# [OT] Wie schreibe ich XMMS um?

## LoRd-niKon

Ist ne freche Frage okay, aber was brauche ich dazu  :Wink: 

[mod edit]

Titel geändert

[/mod edit]

----------

## lorschy

hmmm mach ein emerge -f xmms dann unzip den tarball schnapp dir nen editor deiner wahl und schau welche sourcecodes fuer was zustaendig sind, dann kannste das aendern was du willst und dann machste einfach nen haendigen install.

----------

## LoRd-niKon

ah perfekt dieses emerge -f das suchte ich  :Wink: 

----------

## ralph

Nur mal interessehalber, was hast du denn vor?  :Very Happy: 

----------

## LoRd-niKon

will mirn "Party-MP3-Spieler" mit user management und sonenr Art Creditsystem basteln - wo nach 10 mins. jedern credit kricht o.ä. und dann ein lied in die playlist packen kann bei 20 credits 2, etc.

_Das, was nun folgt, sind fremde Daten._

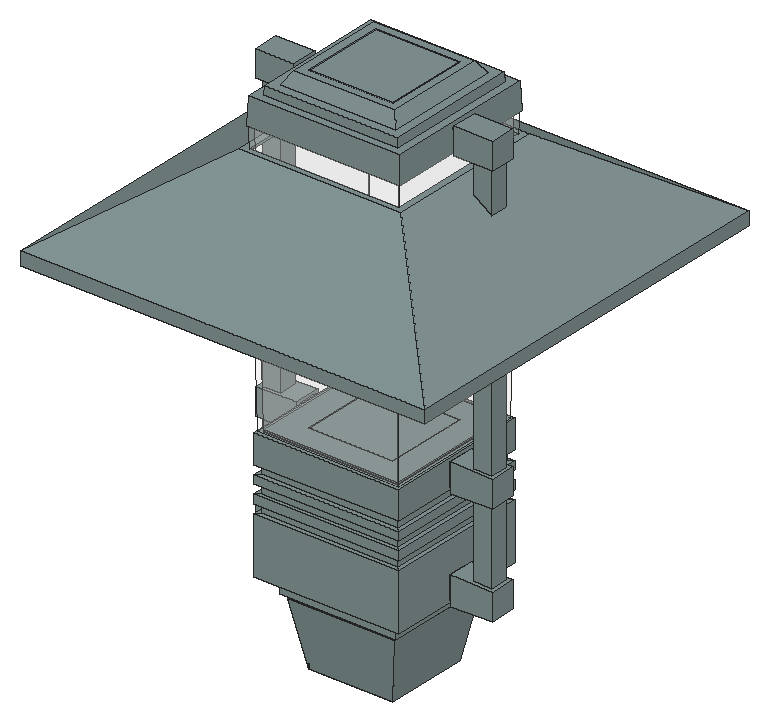
Revit family "PKWM", category Lighting Fixtures, host Face, Revit 2021 (continued)
Definition of nested family "Web PKWM"
  Parameters
    built-in parameter 1150139 = (empty or 0)
    built-in parameter 1150112 = 1 (stored number, unit not read)
    built-in parameter 1150114 = 1 (stored number, unit not read)
    Lamp = ""
    built-in parameter 1150132 = (empty or 0)
    built-in parameter 1150102 = (empty or 0)
    built-in parameter 1150107 = 3000 (stored number, unit not read)
    built-in parameter 1150138 = (empty or 0)
    built-in parameter 1150106 = 1.5518 (stored number, unit not read)
    Emit from Line Length = 1.000"
    built-in parameter 1150104 = 7.5484 (stored number, unit not read)
    Dimming Lamp Color Temperature Shift = (empty or 0)
    Description = ""
    Default Elevation = 48.000"
    Color Filter = 16777215
    built-in parameter 1114218 = 1 (stored number, unit not read)
    built-in parameter 1150133 = 10 (stored number, unit not read)
  Reference planes (in)
    plane 1 "Center (Front/Back)": y = 0.03999
    plane 2: z = 0
    plane 3 "Center (Left/Right)": x = -0.23896
  Forms (in)
    Extrusion 1, solid
      sketch origin (0, 0, 0.06357) x (1, 0, 0) y (0, 1, 0)
        loop
          line (-48, 48) -> (-48, -48) -> (48, -48) -> (48, 48) -> (-48, 48)
      from -0.06357 to -6.06357
  Lines and regions (in)
    reference lines
      curve 1: line (-0.23896, 0.03999, 18.11448) -> (-0.23896, 0.03999, -22.88552)
      curve 2: line (-0.23896, 0.03999, 34) -> (-0.23896, 0.03999, -22.88552)
      curve 3: line (-0.23896, 29.03999, 0) -> (-0.23896, -29.96001, 0)
      curve 4: line (-37.23896, 0.03999, 0) -> (40.76104, 0.03999, 0)
  Dimensions and locks (in)
    aligned and locked: plane 2 to Extrusion 1
    aligned and locked: level to Extrusion 1
    aligned and locked: plane 3 "Center (Left/Right)" to imposter light
    aligned and locked: imposter light to plane 1 "Center (Front/Back)"
    aligned and locked: curve 1 to plane 3 "Center (Left/Right)"
    aligned and locked: plane 1 "Center (Front/Back)" to curve 2
    aligned and locked: curve 3 to plane 3 "Center (Left/Right)"
    aligned and locked: plane 1 "Center (Front/Back)" to curve 4
Types (14): name | Photometric Web | Finish
  (no name) | Web PKWM : PKWM-STR-Y3VC-32LED-3K-525 | Aluminum-Antique Green
  PKWM- ATG | Web PKWM : PKWM-STR-Y3VC-32LED-3K-525 | Aluminum-Antique Green
  PKWM- AWT | Web PKWM : PKWM-STR-Y3VC-32LED-3K-525 | Aluminum-Artic White
  PKWM- BLK | Web PKWM : PKWM-STR-Y3VC-32LED-3K-525 | Aluminum-Black
  PKWM- MTB | Web PKWM : PKWM-STR-Y3VC-32LED-3K-525 | Aluminum-Matte Black
  PKWM- DGN | Web PKWM : PKWM-STR-Y3VC-32LED-3K-525 | Aluminum-Dark Green
  PKWM- DBZ | Web PKWM : PKWM-STR-Y3VC-32LED-3K-525 | Aluminum-Dark Bronze
  PKWM- WRZ | Web PKWM : PKWM-STR-Y3VC-32LED-3K-525 | Aluminum-Weathered Bronze
  PKWM- BRM | Web PKWM : PKWM-STR-Y3VD-32LED-4K-525 | Aluminum-Metalic Bronze
  PKWM- VBL | Web PKWM : PKWM-STR-Y3VC-32LED-3K-525 | Aluminum-Verde Blue
  PKWM- CRT | Web PKWM : PKWM-STR-Y3VC-32LED-3K-525 | Aluminum-Corten
  PKWM- MAL | Web PKWM : PKWM-STR-Y3VC-32LED-3K-525 | Aluminum-Matte
  PKWM- MDG | Web PKWM : PKWM-STR-Y3VC-32LED-3K-525 | Aluminum-Medium Grey
  PKWM- LGY | Web PKWM : PKWM-STR-Y3VC-32LED-3K-525 | Aluminum-Light Grey

Hatte sowas schonma für win gesehn aba das gaaanz lange her  :Wink: 

Habn kleinen Shuttle Barebone und das DIE Party jukebox - und ich mach dadurch kräftich werbung für linux   :Twisted Evil: 

----------

## Beforegod

Bitte das nächste mal als O(ff)T(opic) kennzeichnen.

----------

## LoRd-niKon

hm mod kannst eigetnl. auch den ganzen thread löschen meine frage ist ja beantwortet

thx 2 lorschy

----------